Airlines, banks and IT companies have failed on a report card into the impact of Australia's new Privacy Act, forcing the Federal Government to review the legislation and consider the introduction of tougher penalties in 2003.
Some of Australia's largest companies rated poorly in the report into the Federal Government's Privacy Amendment (Private Sector) Act 2000 which came into effect on December 21, 2001.
Responding to the report, which was undertaken by Federal Government privacy and security consultant Aulich & Co, a spokeswoman for the Office of the Federal Privacy Commissioner confirmed tougher legislation will be enforced if companies don't act.
"This is the minimal level of privacy compliance Australian companies will ever face, so they need to make it work to avoid tougher laws," she said.
A further review of the act will be undertaken next year after a formal, 12-month process of private sector education.
Aulich & Co director Terry Aulich is confident the Government's review will lead to legislative amendments, because Australian business is failing to take the legislation seriously.
The audit was undertaken across a range of industries and Aulich said companies that are motivated by self-interest and doing the absolute minimum to comply are abusing the act.
"Companies are sitting back thinking nothing is happening so it is okay, but in 2003 when the formal education process ends there will be a huge fallout with the public outing of miscreants, increased legal action and payouts that will force the Government to act," he said.
Speaking exclusively to Computerworld at the IT Security 2002 conference in Canberra on Monday, Aulich said the review will also lead to a parliamentary standing committee on privacy with government agencies and companies being forced to explain their lack of compliance to the Senate.
While the Family Court and health industry rated highly in the report, it was airlines, IT companies, banks and insurance companies that failed miserably.
Examples that Aulich cited include loyalty programs, like frequent flyer points, which combine credit cards and amass plenty of personal information, which is used for a "range of purposes".
He said there is little control over access to this information, which is even shown 'live' for training purposes.
"The airlines are not even willing to discuss the misuse of this information and have an arrogant attitude towards privacy concerns. The situation is similar with banks," Aulich said.
Without listing specific banks, he presented a 12-page brochure-type application form for a personal loan, pointing out that all information included is owned by the bank regardless of whether the loan is approved.
"The information goes to a central repository, which has no public access, and applicants are not told what happens to those personal details," he said.
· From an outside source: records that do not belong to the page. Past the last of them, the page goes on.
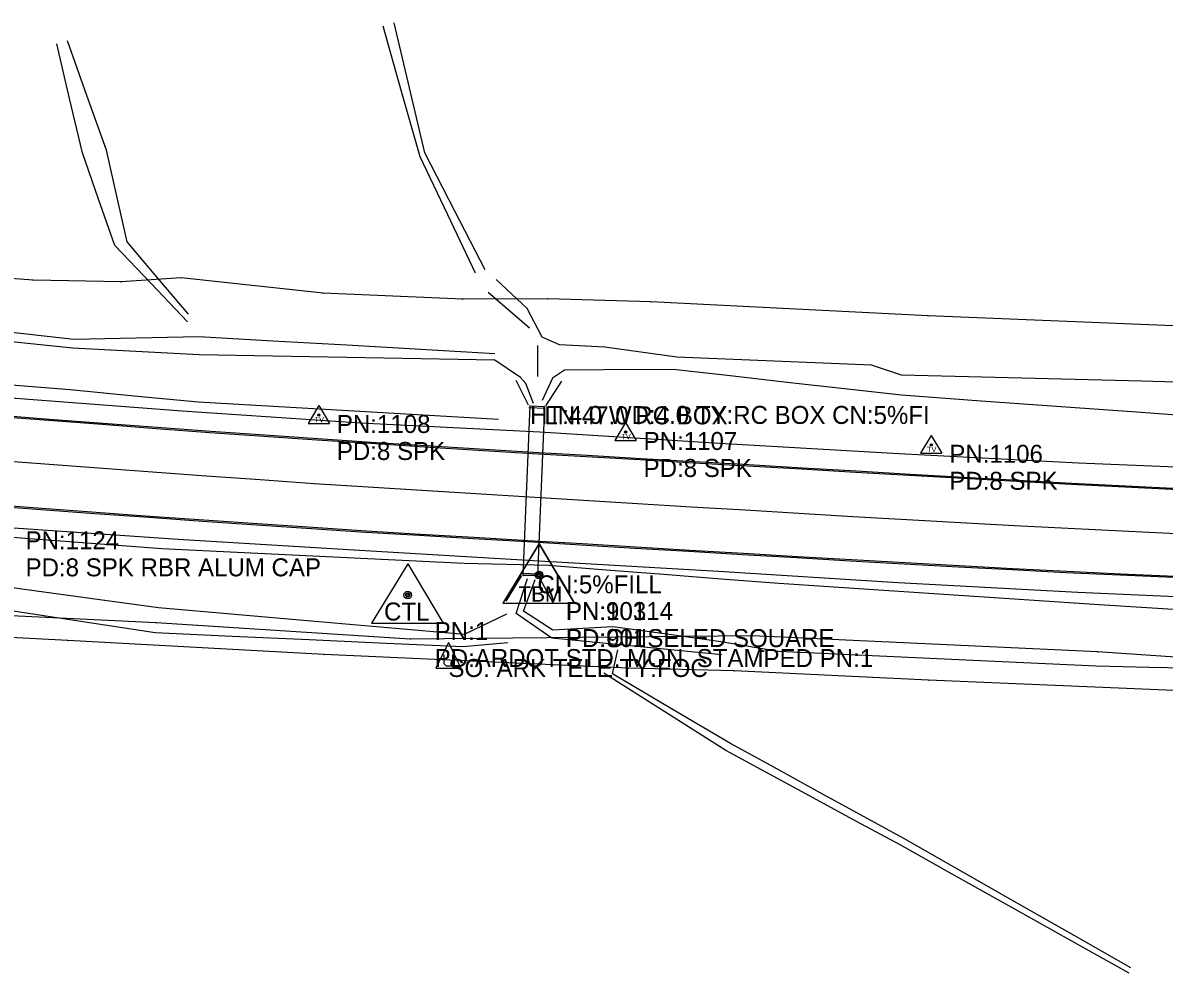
# Model space of a CAD drawing. Extents: x 878399 to 889864, y 1564003 to 1567413.
# Drawn here: x 886790 to 887107.2, y 1564337.1 to 1564601.2 of the extents above; entities that cross this region are included whole.
import ezdxf

# ---------------------------------------------------------------- set-up
doc = ezdxf.new("R2010")
doc.units = 0
for name, color, linetype in [('S_CROSS_DRAIN', 7, 'Continuous'), ('S_CROSS_DRAIN_ANNOT', 7, 'Continuous'), ('S_DITCHLINE', 7, 'Continuous'), ('S_DRG_PT_SYM', 7, 'Continuous'), ('S_EDGE_PAVEMENT', 7, 'Continuous'), ('S_FENCE', 7, 'Continuous'), ('S_FIBER_OPTIC_CABLE', 7, 'Continuous'), ('S_HEADWALL', 7, 'Continuous'), ('S_MSC_PT_SYM', 7, 'Continuous'), ('S_PAVEMENT_CROWN', 7, 'Continuous'), ('S_PRIMARY_CTL', 7, 'Continuous'), ('S_PRIMARY_CTL_ANNOT', 7, 'Continuous'), ('S_SECONDARY_CTL', 7, 'Continuous'), ('S_SECONDARY_CTL_ANNOT', 7, 'Continuous'), ('S_SHOULDER', 7, 'Continuous'), ('S_UTILITY_POLE', 7, 'Continuous'), ('S_UTILITY_POLE_ANNOT', 7, 'Continuous'), ('S_UTL_PT_SYM', 7, 'Continuous'), ('S_WALL', 7, 'Continuous')]:
    doc.layers.add(name, color=color, linetype=linetype)

msp = doc.modelspace()

# ---------------------------------------------------------------- linework, layer by layer
at = {"layer": 'S_CROSS_DRAIN'}
for p, q in [((886929.02, 1564447.61), (886930.91, 1564494.69)), ((886930.91, 1564494.69), (886934.91, 1564494.57)), ((886934.91, 1564494.57), (886932.98, 1564447.61)), ((886932.98, 1564447.61), (886929.02, 1564447.61))]:
    msp.add_line(p, q, dxfattribs=at)
at = {"layer": 'S_DITCHLINE'}
for points in [[(886915.77, 1564531.63), (886908.06, 1564547.77), (886900.35, 1564563.92), (886895.21, 1564582.08), (886890.06, 1564600.24)], [(886918.44, 1564532.52), (886910.04, 1564548.79), (886901.64, 1564565.05), (886897.39, 1564583.1), (886893.14, 1564601.16)], [(886835.72, 1564518.11), (886825.6, 1564528.69), (886815.49, 1564539.28), (886811, 1564552.15), (886806.52, 1564565.02), (886802.97, 1564580.15), (886799.43, 1564595.28)], [(886835.97, 1564520.23), (886827.47, 1564530.24), (886818.97, 1564540.25), (886816.11, 1564553), (886813.24, 1564565.74), (886807.79, 1564580.95), (886802.35, 1564596.15)], [(886921.18, 1564509.16), (886900.59, 1564510.35), (886880, 1564511.54), (886859.42, 1564512.73), (886838.83, 1564513.91), (886821.46, 1564513.53), (886804.1, 1564513.14), (886783.47, 1564515.43), (886762.84, 1564517.72), (886742.22, 1564520.01), (886721.59, 1564522.3), (886700.83, 1564524.54), (886680.07, 1564526.78), (886659.31, 1564529.03), (886638.55, 1564531.27), (886618.68, 1564534.76), (886598.81, 1564538.24), (886578.94, 1564541.73), (886559.07, 1564545.22), (886538.41, 1564548), (886517.75, 1564550.79), (886497.08, 1564553.58), (886476.42, 1564556.37), (886460.17, 1564559.13)], [(887250.01, 1564485.81), (887245.73, 1564487.85), (887232.27, 1564493.81), (887215.08, 1564494.99), (887197.9, 1564496.18), (887180.71, 1564497.37), (887163.52, 1564498.56), (887143.39, 1564499.75), (887123.26, 1564500.95), (887100.99, 1564501.53), (887078.71, 1564502.11), (887056.44, 1564502.7), (887034.17, 1564503.28), (887025.82, 1564506), (887012.29, 1564506.57), (886998.76, 1564507.13), (886985.23, 1564507.7), (886971.7, 1564508.27), (886951.72, 1564511), (886939.09, 1564511.66), (886934.32, 1564513.76), (886930.08, 1564521.74), (886921.5, 1564529.82)], [(886919.3, 1564526.31), (886930.79, 1564516.39)], [(886931.84, 1564495.41), (886929.73, 1564500.95), (886928.25, 1564502.57), (886921.12, 1564507.37), (886900.58, 1564507.75), (886880.03, 1564508.12), (886859.48, 1564508.5), (886838.93, 1564508.87), (886821.34, 1564509.81), (886803.75, 1564510.75), (886783.22, 1564512.83)], [(886933.03, 1564511.46), (886932.95, 1564502.83)], [(887249.48, 1564482.84), (887245.32, 1564483.43), (887231.36, 1564487.02), (887214.02, 1564489.13), (887196.69, 1564491.24), (887179.36, 1564493.35), (887162.02, 1564495.47), (887142.5, 1564493.34), (887122.97, 1564491.22), (887100.76, 1564492.83), (887078.55, 1564494.43), (887056.34, 1564496.04), (887034.13, 1564497.65), (887018.27, 1564499.44), (887002.4, 1564501.24), (886986.53, 1564503.03), (886970.67, 1564504.83), (886951.34, 1564504.75), (886940.46, 1564504.61), (886937.16, 1564502.38), (886934.26, 1564496.23)], [(886924.36, 1564436.78), (886912.59, 1564431.19), (886891.36, 1564433.04), (886870.13, 1564434.9), (886848.9, 1564436.75), (886827.67, 1564438.61), (886809.35, 1564441.1), (886791.03, 1564443.59), (886772.71, 1564446.08)], [(886984.24, 1564425.49), (886960.59, 1564427.81), (886936.94, 1564430.12), (886927.03, 1564437.05), (886930.18, 1564446.71)], [(887257.8, 1564343.38), (887254.99, 1564363.66), (887252.17, 1564383.94), (887250.75, 1564406.9), (887245.07, 1564416.93), (887224.89, 1564417.88), (887205.62, 1564418.66), (887186.36, 1564419.45), (887167.1, 1564420.23), (887147.83, 1564421.01), (887132.93, 1564421.35), (887118.03, 1564421.7), (887103.12, 1564422.04), (887088.22, 1564422.38), (887066.16, 1564423.4), (887044.11, 1564424.42), (887022.06, 1564425.44), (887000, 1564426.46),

Information provided to Telstra, Aulich said, is disclosed to a range of outside sources including telemarketing groups and market research.
Like insurance companies, he said Telstra advises personal information may be disclosed to outside sources such as outsourcers and debt recovery companies, but they are purposely listed together to obtain "bundled consent".
"But in reality consumers think they are only providing information to Telstra," Aulich said.
He attributes IT companies' poor privacy protection methods to a range of reasons including high staff turnover, market forces and vested interests, because they are part of an industry that utilises software like data mining tools.
"Also, a lot of technical operators in IT are under the age of 25 and our polling shows younger people do not think privacy is important whereas older people have a real concern," he said.